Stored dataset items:
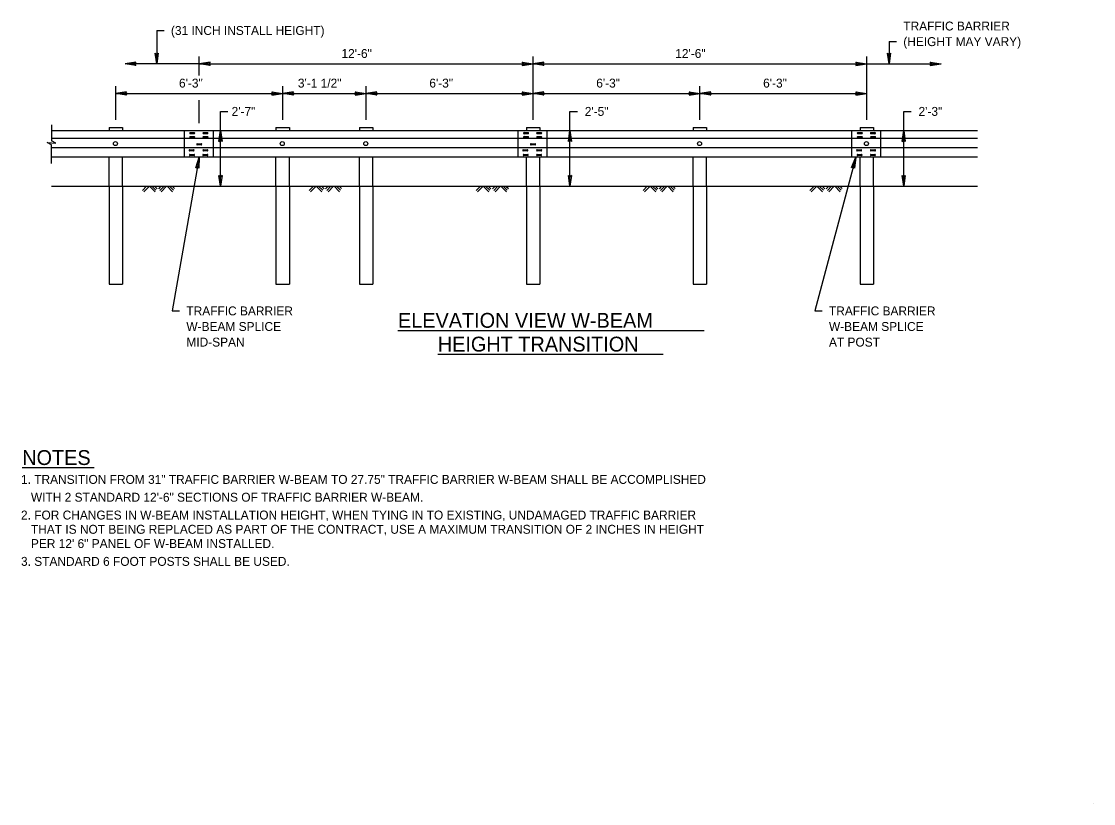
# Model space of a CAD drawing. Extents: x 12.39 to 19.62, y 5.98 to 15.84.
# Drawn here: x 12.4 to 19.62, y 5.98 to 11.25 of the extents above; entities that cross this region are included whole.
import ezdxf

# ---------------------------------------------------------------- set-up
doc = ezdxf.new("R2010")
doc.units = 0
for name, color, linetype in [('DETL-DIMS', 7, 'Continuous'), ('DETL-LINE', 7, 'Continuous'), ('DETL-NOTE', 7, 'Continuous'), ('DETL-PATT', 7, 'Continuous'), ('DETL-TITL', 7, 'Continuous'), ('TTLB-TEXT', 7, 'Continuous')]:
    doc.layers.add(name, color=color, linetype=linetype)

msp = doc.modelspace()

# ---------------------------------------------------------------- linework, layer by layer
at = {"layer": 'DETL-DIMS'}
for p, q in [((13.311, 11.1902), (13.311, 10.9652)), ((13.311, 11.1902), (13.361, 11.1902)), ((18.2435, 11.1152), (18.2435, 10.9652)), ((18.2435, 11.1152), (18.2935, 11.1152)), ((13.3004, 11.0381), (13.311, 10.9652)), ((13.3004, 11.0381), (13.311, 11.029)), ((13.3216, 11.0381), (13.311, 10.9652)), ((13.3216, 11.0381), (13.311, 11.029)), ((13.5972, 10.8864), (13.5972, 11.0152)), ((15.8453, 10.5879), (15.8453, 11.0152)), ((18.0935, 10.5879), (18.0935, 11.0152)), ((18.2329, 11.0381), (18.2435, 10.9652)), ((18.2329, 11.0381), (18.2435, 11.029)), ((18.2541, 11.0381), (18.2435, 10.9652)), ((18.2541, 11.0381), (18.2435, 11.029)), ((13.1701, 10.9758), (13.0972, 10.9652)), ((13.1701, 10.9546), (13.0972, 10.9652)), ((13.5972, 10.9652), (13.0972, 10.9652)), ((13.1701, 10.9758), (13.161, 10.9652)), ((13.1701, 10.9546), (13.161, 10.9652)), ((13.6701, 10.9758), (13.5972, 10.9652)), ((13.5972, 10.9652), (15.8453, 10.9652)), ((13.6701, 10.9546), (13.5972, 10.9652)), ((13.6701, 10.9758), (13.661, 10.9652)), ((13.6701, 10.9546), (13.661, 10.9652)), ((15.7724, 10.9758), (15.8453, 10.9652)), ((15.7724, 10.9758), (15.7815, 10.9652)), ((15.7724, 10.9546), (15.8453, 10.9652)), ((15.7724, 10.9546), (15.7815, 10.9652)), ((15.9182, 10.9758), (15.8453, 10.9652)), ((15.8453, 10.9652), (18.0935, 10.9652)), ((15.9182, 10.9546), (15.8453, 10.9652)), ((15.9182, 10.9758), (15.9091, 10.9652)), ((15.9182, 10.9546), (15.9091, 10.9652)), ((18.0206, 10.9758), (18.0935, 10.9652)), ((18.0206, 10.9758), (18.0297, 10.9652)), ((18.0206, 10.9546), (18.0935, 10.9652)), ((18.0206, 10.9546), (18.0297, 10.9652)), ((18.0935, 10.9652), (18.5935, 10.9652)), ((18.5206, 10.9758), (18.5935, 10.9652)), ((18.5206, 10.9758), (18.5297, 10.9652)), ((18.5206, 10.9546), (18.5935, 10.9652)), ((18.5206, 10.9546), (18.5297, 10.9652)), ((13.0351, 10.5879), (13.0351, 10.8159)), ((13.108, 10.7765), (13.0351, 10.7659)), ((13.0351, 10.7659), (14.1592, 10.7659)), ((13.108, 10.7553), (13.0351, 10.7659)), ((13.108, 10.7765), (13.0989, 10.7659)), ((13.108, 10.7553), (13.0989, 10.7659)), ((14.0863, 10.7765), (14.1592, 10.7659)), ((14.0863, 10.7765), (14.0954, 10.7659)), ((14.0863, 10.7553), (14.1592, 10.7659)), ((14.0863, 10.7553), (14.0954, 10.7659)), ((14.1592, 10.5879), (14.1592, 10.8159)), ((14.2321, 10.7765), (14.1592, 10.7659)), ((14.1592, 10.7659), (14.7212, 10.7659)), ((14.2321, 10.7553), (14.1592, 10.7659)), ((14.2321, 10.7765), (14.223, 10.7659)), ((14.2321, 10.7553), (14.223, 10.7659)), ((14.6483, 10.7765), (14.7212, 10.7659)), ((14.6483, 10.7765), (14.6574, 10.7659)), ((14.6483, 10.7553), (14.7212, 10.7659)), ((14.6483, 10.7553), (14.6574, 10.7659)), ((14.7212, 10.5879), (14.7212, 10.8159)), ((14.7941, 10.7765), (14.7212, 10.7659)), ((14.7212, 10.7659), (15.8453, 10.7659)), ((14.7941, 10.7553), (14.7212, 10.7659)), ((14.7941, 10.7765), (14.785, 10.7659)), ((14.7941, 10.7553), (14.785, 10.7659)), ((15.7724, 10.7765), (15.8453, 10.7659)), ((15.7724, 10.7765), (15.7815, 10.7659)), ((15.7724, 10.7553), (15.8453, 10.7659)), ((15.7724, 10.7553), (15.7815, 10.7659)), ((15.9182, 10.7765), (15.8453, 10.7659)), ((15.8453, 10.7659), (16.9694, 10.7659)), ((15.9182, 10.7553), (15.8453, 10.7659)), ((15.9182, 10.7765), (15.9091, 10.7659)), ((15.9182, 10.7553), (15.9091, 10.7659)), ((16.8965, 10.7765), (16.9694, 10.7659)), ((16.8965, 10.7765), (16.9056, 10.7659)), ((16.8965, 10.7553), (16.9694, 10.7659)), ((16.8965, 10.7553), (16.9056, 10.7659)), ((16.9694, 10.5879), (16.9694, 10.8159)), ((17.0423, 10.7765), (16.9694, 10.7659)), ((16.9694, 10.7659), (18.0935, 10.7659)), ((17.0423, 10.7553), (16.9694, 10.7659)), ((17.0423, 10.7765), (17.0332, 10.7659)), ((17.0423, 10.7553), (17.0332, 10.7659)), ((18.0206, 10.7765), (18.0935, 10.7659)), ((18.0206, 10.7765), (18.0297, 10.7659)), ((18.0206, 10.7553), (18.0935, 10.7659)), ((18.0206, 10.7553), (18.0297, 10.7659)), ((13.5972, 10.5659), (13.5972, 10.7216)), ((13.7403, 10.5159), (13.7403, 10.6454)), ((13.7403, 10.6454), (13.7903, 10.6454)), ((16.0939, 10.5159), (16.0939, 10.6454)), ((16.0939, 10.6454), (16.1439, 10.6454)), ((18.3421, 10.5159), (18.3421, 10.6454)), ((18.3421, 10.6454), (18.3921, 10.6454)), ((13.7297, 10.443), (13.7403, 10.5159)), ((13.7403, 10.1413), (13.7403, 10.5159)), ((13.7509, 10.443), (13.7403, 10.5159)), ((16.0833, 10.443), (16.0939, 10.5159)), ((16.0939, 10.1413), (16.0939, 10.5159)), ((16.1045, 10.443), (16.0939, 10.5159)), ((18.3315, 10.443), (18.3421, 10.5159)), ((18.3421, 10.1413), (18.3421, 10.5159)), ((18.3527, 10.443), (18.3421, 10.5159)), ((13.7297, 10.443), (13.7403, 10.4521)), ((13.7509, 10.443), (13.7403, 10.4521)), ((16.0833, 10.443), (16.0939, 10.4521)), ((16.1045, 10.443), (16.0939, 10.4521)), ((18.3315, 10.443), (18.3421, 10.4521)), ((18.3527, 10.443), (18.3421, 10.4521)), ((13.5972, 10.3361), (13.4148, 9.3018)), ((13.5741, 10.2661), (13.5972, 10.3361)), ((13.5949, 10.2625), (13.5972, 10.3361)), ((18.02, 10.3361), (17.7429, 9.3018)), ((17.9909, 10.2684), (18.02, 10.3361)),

WHAT THE EXERCISE ASKS: Retype the entries above word for word, minus any images.

REPLY:
# Model space of a CAD drawing. Extents: x 12.39 to 19.62, y 5.98 to 15.84.
# Drawn here: x 12.4 to 19.62, y 5.98 to 11.25 of the extents above; entities that cross this region are included whole.
import ezdxf

# ---------------------------------------------------------------- set-up
doc = ezdxf.new("R2010")
doc.units = 0
for name, color, linetype in [('DETL-DIMS', 7, 'Continuous'), ('DETL-LINE', 7, 'Continuous'), ('DETL-NOTE', 7, 'Continuous'), ('DETL-PATT', 7, 'Continuous'), ('DETL-TITL', 7, 'Continuous'), ('TTLB-TEXT', 7, 'Continuous')]:
    doc.layers.add(name, color=color, linetype=linetype)

msp = doc.modelspace()

# ---------------------------------------------------------------- linework, layer by layer
at = {"layer": 'DETL-DIMS'}
for p, q in [((13.311, 11.1902), (13.311, 10.9652)), ((13.311, 11.1902), (13.361, 11.1902)), ((18.2435, 11.1152), (18.2435, 10.9652)), ((18.2435, 11.1152), (18.2935, 11.1152)), ((13.3004, 11.0381), (13.311, 10.9652)), ((13.3004, 11.0381), (13.311, 11.029)), ((13.3216, 11.0381), (13.311, 10.9652)), ((13.3216, 11.0381), (13.311, 11.029)), ((13.5972, 10.8864), (13.5972, 11.0152)), ((15.8453, 10.5879), (15.8453, 11.0152)), ((18.0935, 10.5879), (18.0935, 11.0152)), ((18.2329, 11.0381), (18.2435, 10.9652)), ((18.2329, 11.0381), (18.2435, 11.029)), ((18.2541, 11.0381), (18.2435, 10.9652)), ((18.2541, 11.0381), (18.2435, 11.029)), ((13.1701, 10.9758), (13.0972, 10.9652)), ((13.1701, 10.9546), (13.0972, 10.9652)), ((13.5972, 10.9652), (13.0972, 10.9652)), ((13.1701, 10.9758), (13.161, 10.9652)), ((13.1701, 10.9546), (13.161, 10.9652)), ((13.6701, 10.9758), (13.5972, 10.9652)), ((13.5972, 10.9652), (15.8453, 10.9652)), ((13.6701, 10.9546), (13.5972, 10.9652)), ((13.6701, 10.9758), (13.661, 10.9652)), ((13.6701, 10.9546), (13.661, 10.9652)), ((15.7724, 10.9758), (15.8453, 10.9652)), ((15.7724, 10.9758), (15.7815, 10.9652)), ((15.7724, 10.9546), (15.8453, 10.9652)), ((15.7724, 10.9546), (15.7815, 10.9652)), ((15.9182, 10.9758), (15.8453, 10.9652)), ((15.8453, 10.9652), (18.0935, 10.9652)), ((15.9182, 10.9546), (15.8453, 10.9652)), ((15.9182, 10.9758), (15.9091, 10.9652)), ((15.9182, 10.9546), (15.9091, 10.9652)), ((18.0206, 10.9758), (18.0935, 10.9652)), ((18.0206, 10.9758), (18.0297, 10.9652)), ((18.0206, 10.9546), (18.0935, 10.9652)), ((18.0206, 10.9546), (18.0297, 10.9652)), ((18.0935, 10.9652), (18.5935, 10.9652)), ((18.5206, 10.9758), (18.5935, 10.9652)), ((18.5206, 10.9758), (18.5297, 10.9652)), ((18.5206, 10.9546), (18.5935, 10.9652)), ((18.5206, 10.9546), (18.5297, 10.9652)), ((13.0351, 10.5879), (13.0351, 10.8159)), ((13.108, 10.7765), (13.0351, 10.7659)), ((13.0351, 10.7659), (14.1592, 10.7659)), ((13.108, 10.7553), (13.0351, 10.7659)), ((13.108, 10.7765), (13.0989, 10.7659)), ((13.108, 10.7553), (13.0989, 10.7659)), ((14.0863, 10.7765), (14.1592, 10.7659)), ((14.0863, 10.7765), (14.0954, 10.7659)), ((14.0863, 10.7553), (14.1592, 10.7659)), ((14.0863, 10.7553), (14.0954, 10.7659)), ((14.1592, 10.5879), (14.1592, 10.8159)), ((14.2321, 10.7765), (14.1592, 10.7659)), ((14.1592, 10.7659), (14.7212, 10.7659)), ((14.2321, 10.7553), (14.1592, 10.7659)), ((14.2321, 10.7765), (14.223, 10.7659)), ((14.2321, 10.7553), (14.223, 10.7659)), ((14.6483, 10.7765), (14.7212, 10.7659)), ((14.6483, 10.7765), (14.6574, 10.7659)), ((14.6483, 10.7553), (14.7212, 10.7659)), ((14.6483, 10.7553), (14.6574, 10.7659)), ((14.7212, 10.5879), (14.7212, 10.8159)), ((14.7941, 10.7765), (14.7212, 10.7659)), ((14.7212, 10.7659), (15.8453, 10.7659)), ((14.7941, 10.7553), (14.7212, 10.7659)), ((14.7941, 10.7765), (14.785, 10.7659)), ((14.7941, 10.7553), (14.785, 10.7659)), ((15.7724, 10.7765), (15.8453, 10.7659)), ((15.7724, 10.7765), (15.7815, 10.7659)), ((15.7724, 10.7553), (15.8453, 10.7659)), ((15.7724, 10.7553), (15.7815, 10.7659)), ((15.9182, 10.7765), (15.8453, 10.7659)), ((15.8453, 10.7659), (16.9694, 10.7659)), ((15.9182, 10.7553), (15.8453, 10.7659)), ((15.9182, 10.7765), (15.9091, 10.7659)), ((15.9182, 10.7553), (15.9091, 10.7659)), ((16.8965, 10.7765), (16.9694, 10.7659)), ((16.8965, 10.7765), (16.9056, 10.7659)), ((16.8965, 10.7553), (16.9694, 10.7659)), ((16.8965, 10.7553), (16.9056, 10.7659)), ((16.9694, 10.5879), (16.9694, 10.8159)), ((17.0423, 10.7765), (16.9694, 10.7659)), ((16.9694, 10.7659), (18.0935, 10.7659)), ((17.0423, 10.7553), (16.9694, 10.7659)), ((17.0423, 10.7765), (17.0332, 10.7659)), ((17.0423, 10.7553), (17.0332, 10.7659)), ((18.0206, 10.7765), (18.0935, 10.7659)), ((18.0206, 10.7765), (18.0297, 10.7659)), ((18.0206, 10.7553), (18.0935, 10.7659)), ((18.0206, 10.7553), (18.0297, 10.7659)), ((13.5972, 10.5659), (13.5972, 10.7216)), ((13.7403, 10.5159), (13.7403, 10.6454)), ((13.7403, 10.6454), (13.7903, 10.6454)), ((16.0939, 10.5159), (16.0939, 10.6454)), ((16.0939, 10.6454), (16.1439, 10.6454)), ((18.3421, 10.5159), (18.3421, 10.6454)), ((18.3421, 10.6454), (18.3921, 10.6454)), ((13.7297, 10.443), (13.7403, 10.5159)), ((13.7403, 10.1413), (13.7403, 10.5159)), ((13.7509, 10.443), (13.7403, 10.5159)), ((16.0833, 10.443), (16.0939, 10.5159)), ((16.0939, 10.1413), (16.0939, 10.5159)), ((16.1045, 10.443), (16.0939, 10.5159)), ((18.3315, 10.443), (18.3421, 10.5159)), ((18.3421, 10.1413), (18.3421, 10.5159)), ((18.3527, 10.443), (18.3421, 10.5159)), ((13.7297, 10.443), (13.7403, 10.4521)), ((13.7509, 10.443), (13.7403, 10.4521)), ((16.0833, 10.443), (16.0939, 10.4521)), ((16.1045, 10.443), (16.0939, 10.4521)), ((18.3315, 10.443), (18.3421, 10.4521)), ((18.3527, 10.443), (18.3421, 10.4521)), ((13.5972, 10.3361), (13.4148, 9.3018)), ((13.5741, 10.2661), (13.5972, 10.3361)), ((13.5949, 10.2625), (13.5972, 10.3361)), ((18.02, 10.3361), (17.7429, 9.3018)), ((17.9909, 10.2684), (18.02, 10.3361)),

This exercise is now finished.